Problem to work on: Below is a block of entries, which should be copied verbatim apart from the pictures.

Excerpted data:
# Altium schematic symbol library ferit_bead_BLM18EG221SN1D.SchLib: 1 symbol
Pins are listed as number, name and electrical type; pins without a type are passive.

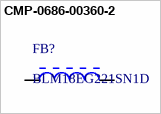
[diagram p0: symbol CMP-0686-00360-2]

## CMP-0686-00360-2
designator FB?, comment BLM18EG221SN1D
Chip Ferrite Bead for GHz Band General Use (Low DC Resistance Type), 220 Ohm, 2000 mA, -55 to 125 degC, 1.6 x 0.8 x 0.95 mm SMD, Tape and Reel; Manufacturer: Murata; Impedance (at 100 MHz): 220 Ohm +/- 25%; Rated Current: 2000 mA; DC Resistance: 0.05 Ohm Max.
footprint MURA-BLM18-RF-H4-CHIP-2_V (Chip Ferrite Bead, 2-Leads, Body 1.6x0.8mm, Height 0.95mm, Reflow)
footprint MURA-BLM18-F-H1-CHIP-2_V (Chip Ferrite Bead, 2-Leads, Body 1.6x0.8mm, Height 0.95mm, Flow)
pins: 1, 2

Result below:
# Altium schematic symbol library ferit_bead_BLM18EG221SN1D.SchLib: 1 symbol
Pins are listed as number, name and electrical type; pins without a type are passive.

[diagram p0: symbol CMP-0686-00360-2]

## CMP-0686-00360-2
designator FB?, comment BLM18EG221SN1D
Chip Ferrite Bead for GHz Band General Use (Low DC Resistance Type), 220 Ohm, 2000 mA, -55 to 125 degC, 1.6 x 0.8 x 0.95 mm SMD, Tape and Reel; Manufacturer: Murata; Impedance (at 100 MHz): 220 Ohm +/- 25%; Rated Current: 2000 mA; DC Resistance: 0.05 Ohm Max.
footprint MURA-BLM18-RF-H4-CHIP-2_V (Chip Ferrite Bead, 2-Leads, Body 1.6x0.8mm, Height 0.95mm, Reflow)
footprint MURA-BLM18-F-H1-CHIP-2_V (Chip Ferrite Bead, 2-Leads, Body 1.6x0.8mm, Height 0.95mm, Flow)
pins: 1, 2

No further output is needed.